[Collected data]
——
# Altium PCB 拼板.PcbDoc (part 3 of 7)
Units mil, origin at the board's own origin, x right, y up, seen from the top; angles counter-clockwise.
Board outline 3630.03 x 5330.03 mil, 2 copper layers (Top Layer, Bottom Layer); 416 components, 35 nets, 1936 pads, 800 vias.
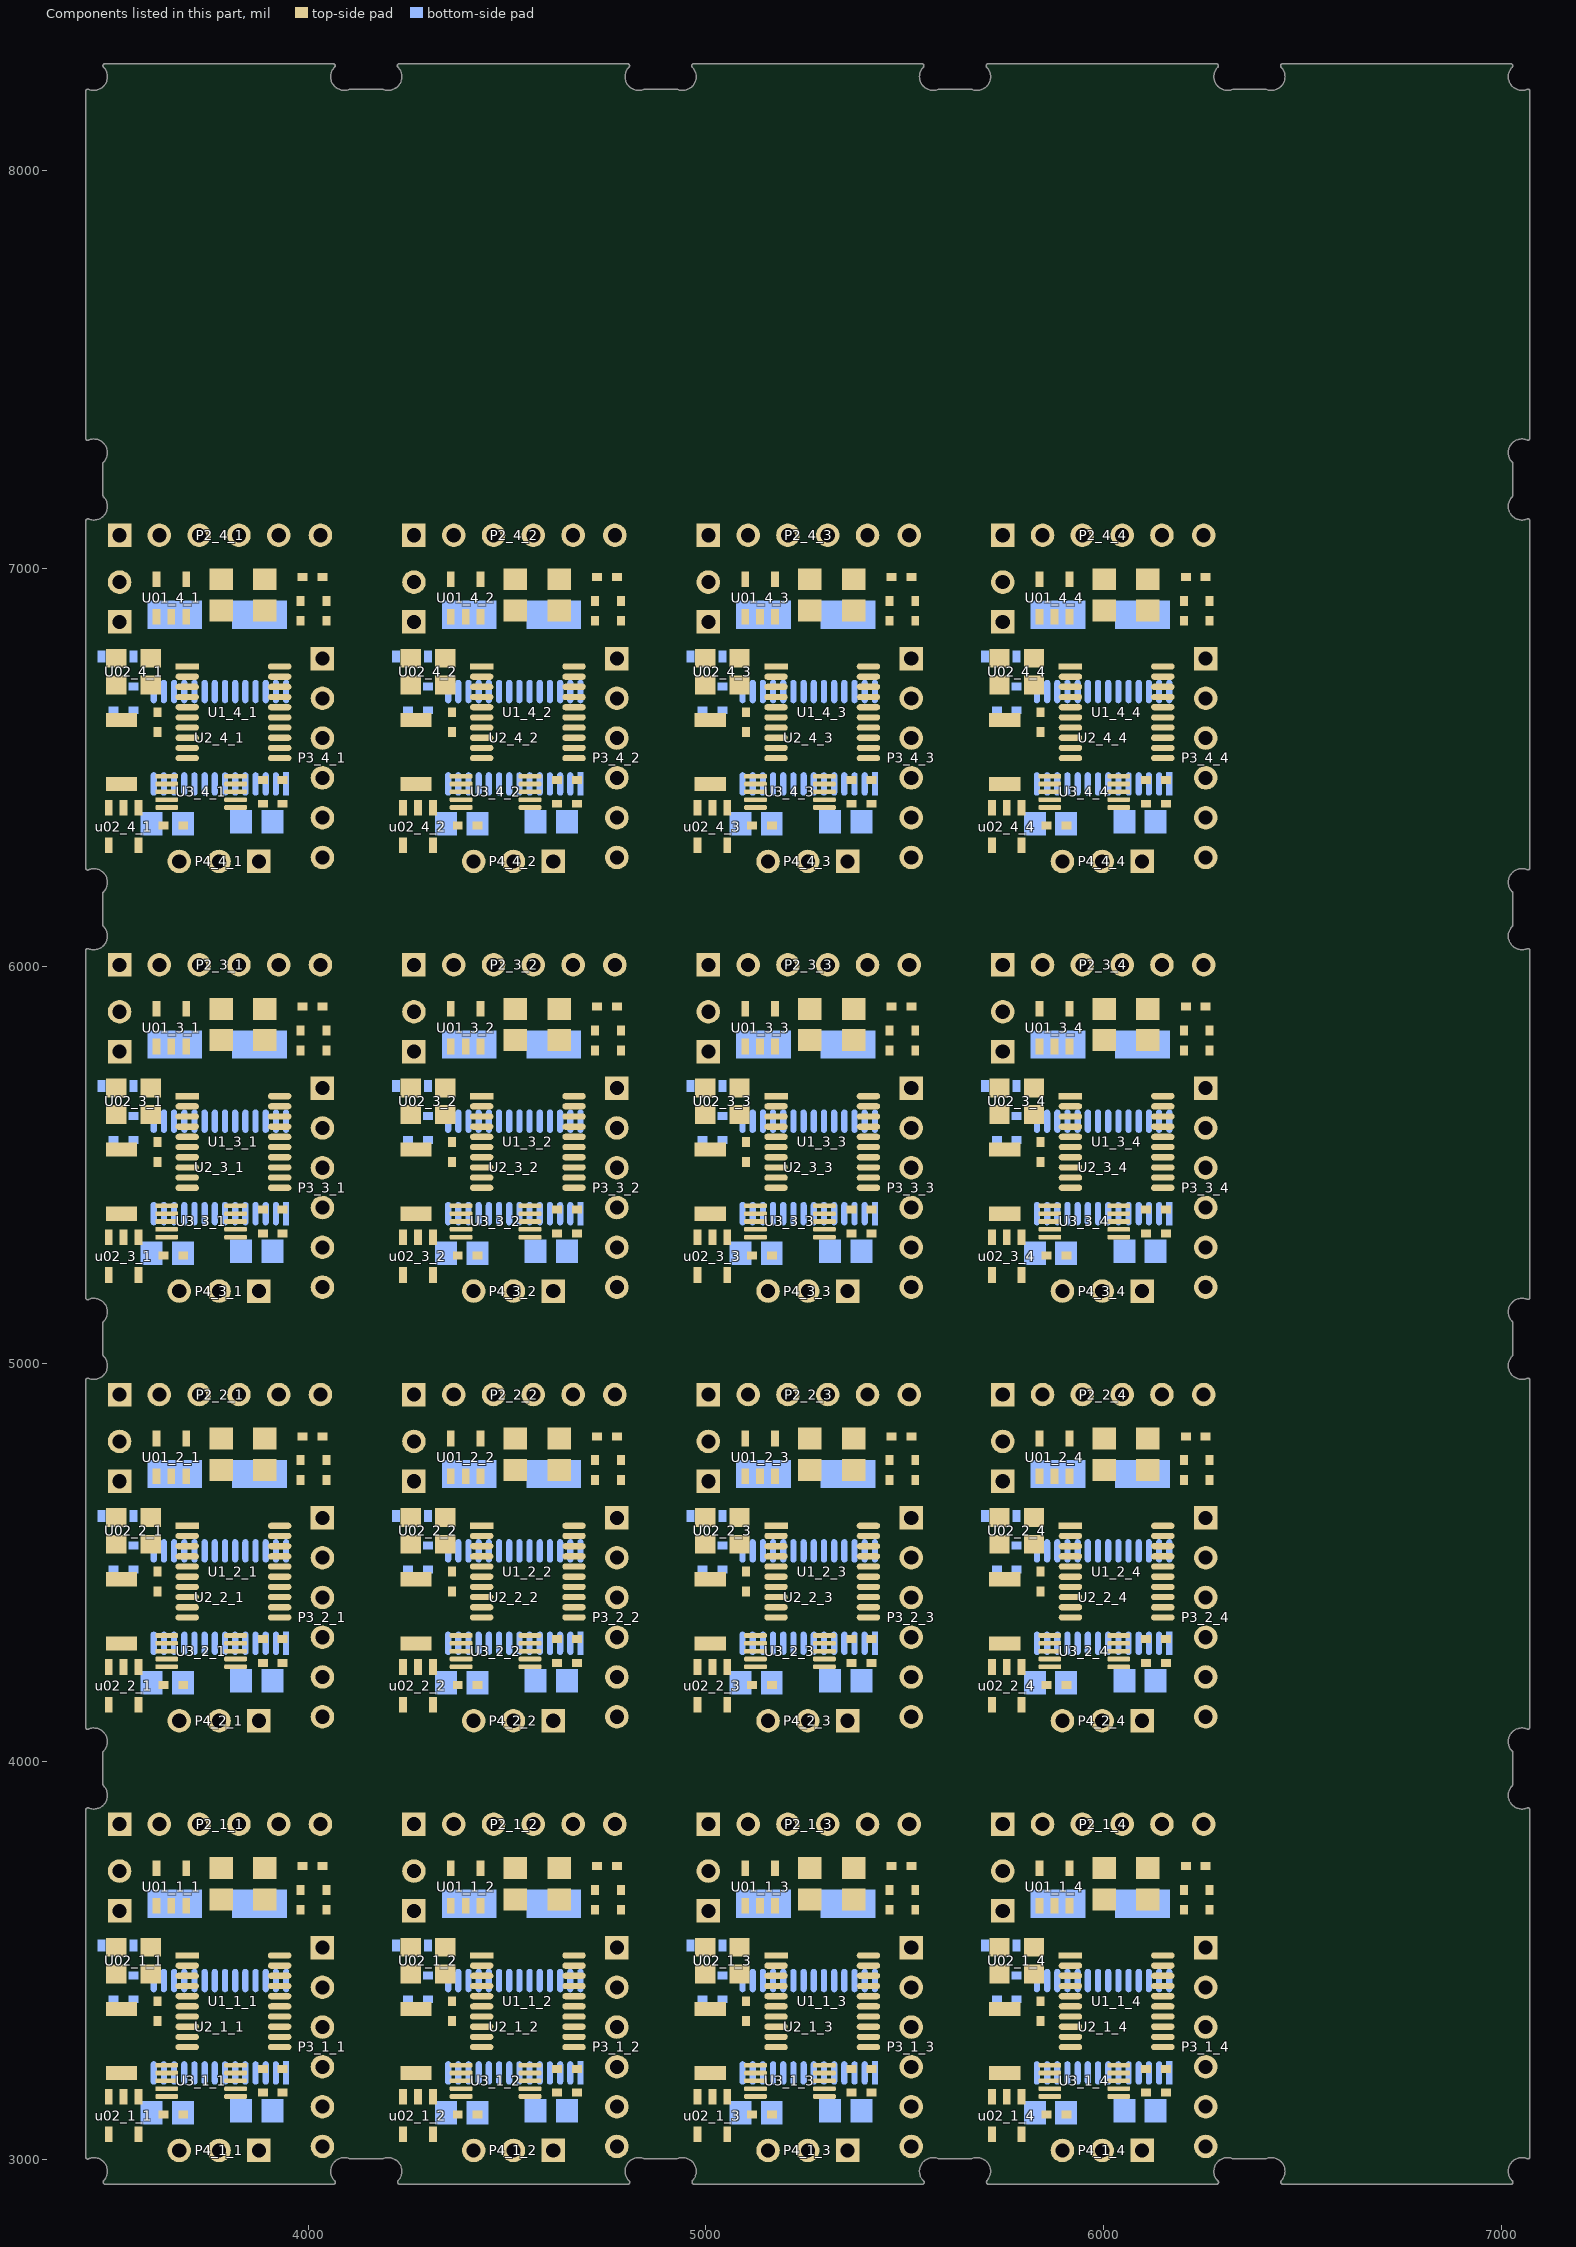
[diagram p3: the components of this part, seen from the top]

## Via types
v1: diameter 24, hole 24, Top Layer to Bottom Layer, 480 vias
v2: diameter 20, hole 10, Top Layer to Bottom Layer, 240 vias
v3: diameter 36, hole 20, Top Layer to Bottom Layer, 48 vias
v4: diameter 32, hole 16, Top Layer to Bottom Layer, 32 vias

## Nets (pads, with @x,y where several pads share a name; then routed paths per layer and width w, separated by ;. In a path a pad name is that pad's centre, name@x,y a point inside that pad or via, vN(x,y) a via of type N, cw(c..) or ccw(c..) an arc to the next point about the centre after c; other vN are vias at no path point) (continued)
copper on no net: | length 270841.8
  Top Layer w8: 3517.76,3466.64 3519.73,3466.64 3552.35,3499.26 3634.83,3499.26 3668.37,3465.71 3668.44,3465.71 3672.32,3461.84 3696.07,3461.84 ; 3517.76,4546.64 3519.73,4546.64 3552.35,4579.26 3634.83,4579.26 3668.37,4545.71 3668.44,4545.71 3672.32,4541.84 3696.07,4541.84 ; 3517.76,5626.64 3519.73,5626.64 3552.35,5659.26 3634.83,5659.26 3668.37,5625.71 3668.44,5625.71 3672.32,5621.84 3696.07,5621.84 ; 3517.76,6706.64 3519.73,6706.64 3552.35,6739.26 3634.83,6739.26 3668.37,6705.71 3668.44,6705.71 3672.32,6701.84 3696.07,6701.84 ; 3526.78,3378.02 3601.07,3378.02 3621.07,3398.02 3627.03,3392.06 3647.03,3392.06 3652.99,3386.1 3695.04,3386.1 3696.07,3385.07 ; 3526.78,4458.02 3601.07,4458.02 3621.07,4478.02 3627.03,4472.06 3647.03,4472.06 3652.99,4466.1 3695.04,4466.1 3696.07,4465.07 ; 3526.78,5538.02 3601.07,5538.02 3621.07,5558.02 3627.03,5552.06 3647.03,5552.06 3652.99,5546.1 3695.04,5546.1 3696.07,5545.07 ; 3526.78,6618.02 3601.07,6618.02 3621.07,6638.02 3627.03,6632.06 3647.03,6632.06 3652.99,6626.1 3695.04,6626.1 3696.07,6625.07 ; 3573.47,3083.53 3602.96,3113.02 3636.07,3113.02 ; 3573.47,4163.53 3602.96,4193.02 3636.07,4193.02 ; 3573.47,5243.53 3602.96,5273.02 3636.07,5273.02 ; 3573.47,6323.53 3602.96,6353.02 3636.07,6353.02 ; 3614.61,3523.34 3624,3513.95 3642.42,3513.95 3667.45,3488.91 3694.58,3488.91 3696.07,3487.43 ; 3614.61,4603.34 3624,4593.95 3642.42,4593.95 3667.45,4568.91 3694.58,4568.91 3696.07,4567.43 ; 3614.61,5683.34 3624,5673.95 3642.42,5673.95 3667.45,5648.91 3694.58,5648.91 3696.07,5647.43 ; 3614.61,6763.34 3624,6753.95 3642.42,6753.95 3667.45,6728.91 3694.58,6728.91 3696.07,6727.43 ; 3644.45,3158.65 3644.45,3119.02 3638.45,3113.02 3636.07,3113.02 ; 3644.45,3237.39 3749.65,3237.39 3820.56,3308.3 3928.35,3308.3 ; 3644.45,4238.65 3644.45,4199.02 3638.45,4193.02 3636.07,4193.02 ; 3644.45,4317.39 3749.65,4317.39 3820.56,4388.3 3928.35,4388.3 ; 3644.45,5318.65 3644.45,5279.02 3638.45,5273.02 3636.07,5273.02 ; 3644.45,5397.39 3749.65,5397.39 3820.56,5468.3 3928.35,5468.3 ; 3644.45,6398.65 3644.45,6359.02 3638.45,6353.02 3636.07,6353.02 ; 3644.45,6477.39 3749.65,6477.39 3820.56,6548.3 3928.35,6548.3 ; 3696.07,3282.71 3747.5,3282.71 3752.82,3288.02 v2(3756.07,3288.02) ; 3696.07,3308.3 3696.34,3308.02 v2(3736.07,3308.02) ; 3696.07,3333.89 3749.13,3333.89 3760.51,3322.51 v2(3796.07,3322.51) ; 3696.07,3359.48 3751.01,3359.48 3768.98,3341.51 v2(3771.48,3341.51) ; 3696.07,3513.02 3717.72,3513.02 v2(3752.72,3548.02) ; 3696.07,4362.71 3747.5,4362.71 3752.82,4368.02 v2(3756.07,4368.02) ; 3696.07,4388.3 3696.34,4388.02 v2(3736.07,4388.02) ; 3696.07,4413.89 3749.13,4413.89 3760.51,4402.51 v2(3796.07,4402.51) ; 3696.07,4439.48 3751.01,4439.48 3768.98,4421.51 v2(3771.48,4421.51) ; 3696.07,4593.02 3717.72,4593.02 v2(3752.72,4628.02) ; 3696.07,5442.71 3747.5,5442.71 3752.82,5448.02 v2(3756.07,5448.02) ; 3696.07,5468.3 3696.34,5468.02 v2(3736.07,5468.02) ; 3696.07,5493.89 3749.13,5493.89 3760.51,5482.51 v2(3796.07,5482.51) ; 3696.07,5519.48 3751.01,5519.48 3768.98,5501.51 v2(3771.48,5501.51) ; 3696.07,5673.02 3717.72,5673.02 v2(3752.72,5708.02) ; 3696.07,6522.71 3747.5,6522.71 3752.82,6528.02 v2(3756.07,6528.02) ; 3696.07,6548.3 3696.34,6548.02 v2(3736.07,6548.02) ; 3696.07,6573.89 3749.13,6573.89 3760.51,6562.51 v2(3796.07,6562.51) ; 3696.07,6599.48 3751.01,6599.48 3768.98,6581.51 v2(3771.48,6581.51) ; 3696.07,6753.02 3717.72,6753.02 v2(3752.72,6788.02) ; v2(3806.07,3548.02) 3892.25,3461.84 3928.35,3461.84 ; v2(3806.07,4628.02) 3892.25,4541.84 3928.35,4541.84 ; v2(3806.07,5708.02) 3892.25,5621.84 3928.35,5621.84 ; v2(3806.07,6788.02) 3892.25,6701.84 3928.35,6701.84 ; v2(3816.07,3413.02) 3878.74,3413.02 3906.7,3385.07 3928.35,3385.07 ; v2(3816.07,4493.02) 3878.74,4493.02 3906.7,4465.07 3928.35,4465.07 ; v2(3816.07,5573.02) 3878.74,5573.02 3906.7,5545.07 3928.35,5545.07 ; v2(3816.07,6653.02) 3878.74,6653.02 3906.7,6625.07 3928.35,6625.07 ; 3817.68,3158.65 3771.7,3158.65 3704,3090.96 3663.13,3090.96 3647.07,3107.02 3642.07,3107.02 3636.07,3113.02 ; 3817.68,3217.71 3816.85,3218.54 3784.82,3218.54 3780.14,3223.23 3780.14,3245.3 3830.14,3295.3 3868.19,3295.3 3880.78,3282.71 3928.35,3282.71 ; 3817.68,4238.65 3771.7,4238.65 3704,4170.96 3663.13,4170.96 3647.07,4187.02 3642.07,4187.02 3636.07,4193.02 ; 3817.68,4297.71 3816.85,4298.54 3784.82,4298.54 3780.14,4303.23 3780.14,4325.3 3830.14,4375.3 3868.19,4375.3 3880.78,4362.71 3928.35,4362.71 ; 3817.68,5318.65 3771.7,5318.65 3704,5250.96 3663.13,5250.96 3647.07,5267.02 3642.07,5267.02 3636.07,5273.02 ; 3817.68,5377.71 3816.85,5378.54 3784.82,5378.54 3780.14,5383.23 3780.14,5405.3 3830.14,5455.3 3868.19,5455.3 3880.78,5442.71 3928.35,5442.71 ; 3817.68,6398.65 3771.7,6398.65 3704,6330.96 3663.13,6330.96 3647.07,6347.02 3642.07,6347.02 3636.07,6353.02 ; 3817.68,6457.71 3816.85,6458.54 3784.82,6458.54 3780.14,6463.23 3780.14,6485.3 3830.14,6535.3 3868.19,6535.3 3880.78,6522.71 3928.35,6522.71 ; v2(3836.07,3373.02) 3846.07,3373.02 3883.72,3335.37 3926.87,3335.37 3928.35,3333.89 ; v2(3836.07,4453.02) 3846.07,4453.02 3883.72,4415.37 3926.87,4415.37 3928.35,4413.89 ; v2(3836.07,5533.02) 3846.07,5533.02 3883.72,5495.37 3926.87,5495.37 3928.35,5493.89 ; v2(3836.07,6613.02) 3846.07,6613.02 3883.72,6575.37 3926.87,6575.37 3928.35,6573.89 ; v2(3836.92,3548.02) 3836.92,3543.35 3892.84,3487.43 3928.35,3487.43 ; v2(3836.92,4628.02) 3836.92,4623.35 3892.84,4567.43 3928.35,4567.43 ; v2(3836.92,5708.02) 3836.92,5703.35 3892.84,5647.43 3928.35,5647.43 ; v2(3836.92,6788.02) 3836.92,6783.35 3892.84,6727.43 3928.35,6727.43 ; v2(3866.07,3390.52) 3866.07,3388.02 3893.13,3360.96 3926.87,3360.96 3928.35,3359.48 ; v2(3866.07,3548.02) 3866.07,3544.22 3895.92,3514.36 3927.02,3514.36 3928.35,3513.02 ; v2(3866.07,4470.52) 3866.07,4468.02 3893.13,4440.96 3926.87,4440.96 3928.35,4439.48 ; v2(3866.07,4628.02) 3866.07,4624.22 3895.92,4594.36 3927.02,4594.36 3928.35,4593.02 ; v2(3866.07,5550.52) 3866.07,5548.02 3893.13,5520.96 3926.87,5520.96 3928.35,5519.48 ; v2(3866.07,5708.02) 3866.07,5704.22 3895.92,5674.36 3927.02,5674.36 3928.35,5673.02 ; v2(3866.07,6630.52) 3866.07,6628.02 3893.13,6600.96 3926.87,6600.96 3928.35,6599.48 ; v2(3866.07,6788.02) 3866.07,6784.22 3895.92,6754.36 3927.02,6754.36 3928.35,6753.02 ; 3886.07,3168.02 3892.07,3174.02 3902.07,3174.02 v2(3921.07,3193.02) ; 3886.07,4248.02 3892.07,4254.02 3902.07,4254.02 v2(3921.07,4273.02) ; 3886.07,5328.02 3892.07,5334.02 3902.07,5334.02 v2(3921.07,5353.02) ; 3886.07,6408.02 3892.07,6414.02 3902.07,6414.02 v2(3921.07,6433.02) ; 3928.35,3410.66 3952.1,3410.66 4029.74,3333.02 4036.07,3333.02 ; 3928.35,3436.25 3929.83,3434.77 4034.32,3434.77 4036.07,3433.02 ; 3928.35,4490.66 3952.1,4490.66 4029.74,4413.02 4036.07,4413.02 ; 3928.35,4516.25 3929.83,4514.77 4034.32,4514.77 4036.07,4513.02 ; 3928.35,5570.66 3952.1,5570.66 4029.74,5493.02 4036.07,5493.02 ; 3928.35,5596.25 3929.83,5594.77 4034.32,5594.77 4036.07,5593.02 ; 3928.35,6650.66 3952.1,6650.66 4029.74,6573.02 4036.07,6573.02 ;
——
- [What the exercise asks]: Above are records with pictures. Reproduce exactly only the lines from the line with "Board outline 3630.03" through the line with "copper on no net: | length 270841.8", both ends included, and leave the pictures out.

- [Task output]:
Board outline 3630.03 x 5330.03 mil, 2 copper layers (Top Layer, Bottom Layer); 416 components, 35 nets, 1936 pads, 800 vias.
[diagram p3: the components of this part, seen from the top]

## Via types
v1: diameter 24, hole 24, Top Layer to Bottom Layer, 480 vias
v2: diameter 20, hole 10, Top Layer to Bottom Layer, 240 vias
v3: diameter 36, hole 20, Top Layer to Bottom Layer, 48 vias
v4: diameter 32, hole 16, Top Layer to Bottom Layer, 32 vias

## Nets (pads, with @x,y where several pads share a name; then routed paths per layer and width w, separated by ;. In a path a pad name is that pad's centre, name@x,y a point inside that pad or via, vN(x,y) a via of type N, cw(c..) or ccw(c..) an arc to the next point about the centre after c; other vN are vias at no path point) (continued)
copper on no net: | length 270841.8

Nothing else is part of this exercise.